The availability of high-quality, AI-generated audio raises security challenges such as misinformation campaigns and voice-cloning fraud. A key defense against the misuse of AI-generated audio is by watermarking it, so that it can be easily distinguished from genuine audio. As those seeking to misuse AI-generated audio may thus seek to remove audio watermarks, studying effective watermark removal techniques is critical to being able to objectively evaluate the robustness of audio watermarks against removal. Previous watermark removal schemes either assume impractical knowledge of the watermarks they are designed to remove or are computationally expensive, potentially generating a false sense of confidence in current watermark schemes. We introduce HarmonicAttack, an efficient audio watermark removal method that only requires the basic ability to generate the watermarks from the targeted scheme and nothing else. With this, we are able to train a general watermark removal model that is able to remove the watermarks generated by the targeted scheme from any watermarked audio sample.
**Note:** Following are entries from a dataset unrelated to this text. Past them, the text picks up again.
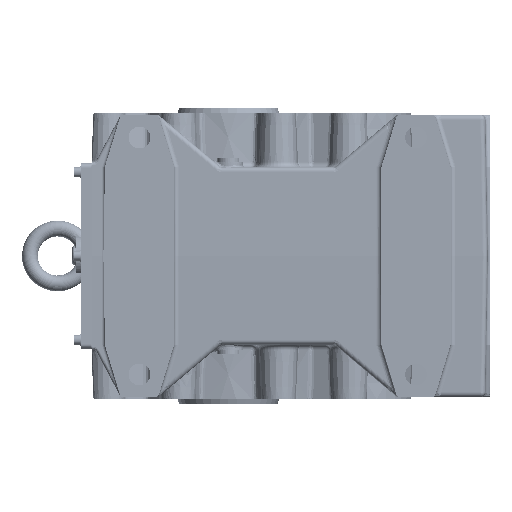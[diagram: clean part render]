
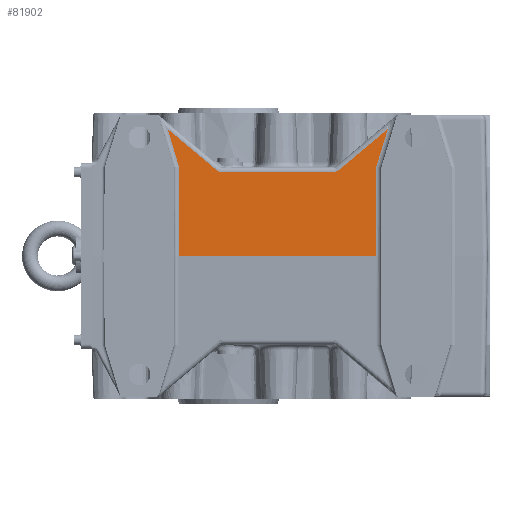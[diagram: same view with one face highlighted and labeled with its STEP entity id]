
A CAD part, left-side view. The second image highlights one B-rep face of the part: STEP entity #81902.
In plain terms, the highlighted planar face has unit normal (-1, 0, 0.018).
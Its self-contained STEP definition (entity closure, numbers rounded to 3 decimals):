
#81795=CARTESIAN_POINT('',(-154.989,50.,90.651));
#81796=VERTEX_POINT('',#81795);
#81804=CARTESIAN_POINT('',(-154.327,61.437,128.536));
#81805=VERTEX_POINT('',#81804);
#81806=CARTESIAN_POINT('',(-154.989,50.,90.651));
#81807=DIRECTION('',(0.017,0.289,0.957));
#81808=VECTOR('',#81807,39.579);
#81809=LINE('',#81806,#81808);
#81810=EDGE_CURVE('',#81796,#81805,#81809,.T.);
#81822=CARTESIAN_POINT('',(-156.571,-260.0,0.014));
#81823=DIRECTION('',(-1.,0.,0.017));
#81824=DIRECTION('',(0.017,0.,1.));
#81825=AXIS2_PLACEMENT_3D('',#81822,#81823,#81824);
#81826=PLANE('',#81825);
#81827=CARTESIAN_POINT('',(-155.045,-112.445,87.427));
#81828=VERTEX_POINT('',#81827);
#81829=CARTESIAN_POINT('',(-154.327,-161.437,128.536));
#81830=VERTEX_POINT('',#81829);
#81831=CARTESIAN_POINT('',(-155.045,-112.445,87.427));
#81832=DIRECTION('',(0.011,-0.766,0.643));
#81833=VECTOR('',#81832,63.958);
#81834=LINE('',#81831,#81833);
#81835=EDGE_CURVE('',#81828,#81830,#81834,.T.);
#81836=ORIENTED_EDGE('',*,*,#81835,.F.);
#81837=CARTESIAN_POINT('',(-155.086,-106.017,85.087));
#81838=VERTEX_POINT('',#81837);
#81839=CARTESIAN_POINT('',(-154.911,-106.017,95.087));
#81840=DIRECTION('',(-1.,0.,0.017));
#81841=DIRECTION('',(-0.017,0.,-1.));
#81842=AXIS2_PLACEMENT_3D('',#81839,#81840,#81841);
#81843=ELLIPSE('',#81842,10.002,10.0);
#81844=EDGE_CURVE('',#81838,#81828,#81843,.T.);
#81845=ORIENTED_EDGE('',*,*,#81844,.F.);
#81846=CARTESIAN_POINT('',(-155.086,6.017,85.087));
#81847=VERTEX_POINT('',#81846);
#81848=CARTESIAN_POINT('',(-155.086,6.017,85.087));
#81849=DIRECTION('',(0.0,-1.0,0.0));
#81850=VECTOR('',#81849,112.034);
#81851=LINE('',#81848,#81850);
#81852=EDGE_CURVE('',#81847,#81838,#81851,.T.);
#81853=ORIENTED_EDGE('',*,*,#81852,.F.);
#81854=CARTESIAN_POINT('',(-155.045,12.445,87.427));
#81855=VERTEX_POINT('',#81854);
#81856=CARTESIAN_POINT('',(-154.911,6.017,95.087));
#81857=DIRECTION('',(-1.,0.,0.017));
#81858=DIRECTION('',(-0.017,0.,-1.));
#81859=AXIS2_PLACEMENT_3D('',#81856,#81857,#81858);
#81860=ELLIPSE('',#81859,10.002,10.);
#81861=EDGE_CURVE('',#81855,#81847,#81860,.T.);
#81862=ORIENTED_EDGE('',*,*,#81861,.F.);
#81863=CARTESIAN_POINT('',(-154.327,61.437,128.536));
#81864=DIRECTION('',(-0.011,-0.766,-0.643));
#81865=VECTOR('',#81864,63.958);
#81866=LINE('',#81863,#81865);
#81867=EDGE_CURVE('',#81805,#81855,#81866,.T.);
#81868=ORIENTED_EDGE('',*,*,#81867,.F.);
#81869=ORIENTED_EDGE('',*,*,#81810,.F.);
#81870=CARTESIAN_POINT('',(-156.571,50.,0.0));
#81871=VERTEX_POINT('',#81870);
#81872=CARTESIAN_POINT('',(-156.571,50.,0.));
#81873=DIRECTION('',(0.017,0.0,1.));
#81874=VECTOR('',#81873,90.665);
#81875=LINE('',#81872,#81874);
#81876=EDGE_CURVE('',#81871,#81796,#81875,.T.);
#81877=ORIENTED_EDGE('',*,*,#81876,.F.);
#81878=CARTESIAN_POINT('',(-156.571,-150.0,0.0));
#81879=VERTEX_POINT('',#81878);
#81880=CARTESIAN_POINT('',(-156.571,-150.0,0.0));
#81881=DIRECTION('',(0.0,1.0,0.0));
#81882=VECTOR('',#81881,200.);
#81883=LINE('',#81880,#81882);
#81884=EDGE_CURVE('',#81871,#81879,#81883,.F.);
#81885=ORIENTED_EDGE('',*,*,#81884,.T.);
#81886=CARTESIAN_POINT('',(-154.989,-150.0,90.651));
#81887=VERTEX_POINT('',#81886);
#81888=CARTESIAN_POINT('',(-154.989,-150.0,90.651));
#81889=DIRECTION('',(-0.017,0.0,-1.));
#81890=VECTOR('',#81889,90.665);
#81891=LINE('',#81888,#81890);
#81892=EDGE_CURVE('',#81887,#81879,#81891,.T.);
#81893=ORIENTED_EDGE('',*,*,#81892,.F.);
#81894=CARTESIAN_POINT('',(-154.327,-161.437,128.536));
#81895=DIRECTION('',(-0.017,0.289,-0.957));
#81896=VECTOR('',#81895,39.579);
#81897=LINE('',#81894,#81896);
#81898=EDGE_CURVE('',#81830,#81887,#81897,.T.);
#81899=ORIENTED_EDGE('',*,*,#81898,.F.);
#81900=EDGE_LOOP('',(#81836,#81845,#81853,#81862,#81868,#81869,#81877,#81885,#81893,#81899));
#81901=FACE_OUTER_BOUND('',#81900,.T.);
#81902=ADVANCED_FACE('',(#81901),#81826,.T.);

HarmonicAttack employs a dual-path convolutional autoencoder that operates in both temporal and frequency domains, along with GAN-style training, to separate the watermark from the original audio. When evaluated against state-of-the-art watermark schemes AudioSeal, WavMark, and Silentcipher, HarmonicAttack demonstrates greater watermark removal ability than previous watermark removal methods with near real-time performance. Moreover, while HarmonicAttack requires training, we find that it is able to transfer to out-of-distribution samples with minimal degradation in performance.

Paper Structure

This paper contains 26 sections, 10 equations, 8 figures, 6 tables, 2 algorithms.

Figures (8)

  • Figure 1: HarmonicAttack's overview. The approach adopts a dual-path autoencoder architecture for the watermark-removal generator, and a discriminator for GAN-style adversarial training. The watermark-removal generator processes watermarked audio to produce unwatermarked outputs, while the discriminator learns to distinguish these from the corresponding clean references. The two models are co-trained iteratively, with the discriminator's feedback guiding the generator towards improved watermark removal and perceptual fidelity.
  • Figure 2: HarmonicAttack's watermark-removal generator architecture.
  • Figure 3: HarmonicAttack's adversarial discriminator architecture.
  • Figure 4: Comparison of spectrograms for watermarked audio, HarmonicAttack removal, and AudioSquareAttack removal on FMA AudioSeal sample. HarmonicAttack is evaluated by transferring from the model trained on AudioSeal LibriSpeech samples.
  • Figure 5: Comparison of spectrograms for watermarked audio, HarmonicAttack removal, and AudioSquareAttack removal on FMA WavMark sample. HarmonicAttack is evaluated by transferring from the model trained on AudioSeal LibriSpeech samples.